Procedure Description
- Anesthesia: The patient is placed under general anesthesia.
- Incision: A surgical incision is made in the lower abdomen.
- Access: The surgeon locates the duplicated ureter.
- Transection: The duplicated ureter is divided from its current position.
- Reimplantation: The ureter is then reattached (anastomosed) to the bladder in a new location.
- Closure: The incision is closed with sutures or staples.
- Tools: Scalpel, surgical clamps, sutures, and possibly laparoscopic instruments.
Duration
The procedure typically takes 2 to 3 hours.
Setting
This surgery is usually performed in a hospital setting.
Personnel
- Primary surgeon (urologist)
- Surgical assistants
- Anesthesiologist
- Operating room nurses
Risks and Complications
- Common risks: Bleeding, infection, blood clots.
- Rare risks: Injury to surrounding organs, ureteral stenosis (narrowing), urine leakage.
- Management: Monitoring, antibiotics for infection, additional surgical intervention if necessary.
Benefits
- Expected benefits: Reduction in UTIs, improved urine flow, and prevention of kidney damage.
- Realization: Benefits can typically be seen within weeks after surgery once recovery is underway.
Recovery
- Post-procedure care: Hospital stay usually required for several days; prescribed pain relief and antibiotics.
- Recovery time: Full recovery may take a few weeks to a few months.
- Restrictions: Limited physical activity during the initial recovery period; follow-up appointments for monitoring progress.
Alternatives
- Non-surgical management: Long-term antibiotics for infection control.

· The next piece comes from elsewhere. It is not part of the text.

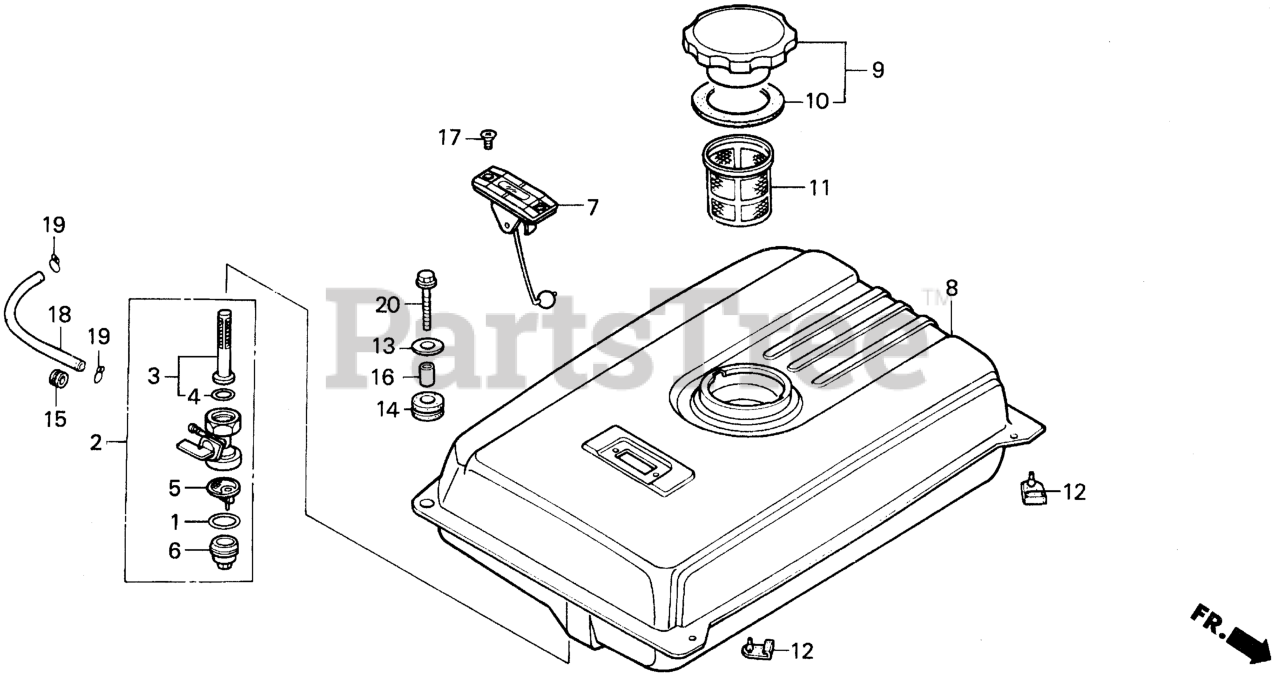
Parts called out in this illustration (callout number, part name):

- Other surgical options: Ureteroureterostomy (joining the duplicated ureter to the normal one).
- Pros and cons: Non-surgical options may not address the root cause; other surgeries may have different outcomes or risks.
Patient Experience
- During procedure: The patient will be under general anesthesia and will not be aware of the surgery.
- After procedure: Discomfort and pain managed by medications; possible temporary catheterization to assist with urination. Most patients feel back to normal within a few weeks but should follow all medical advice for optimal recovery.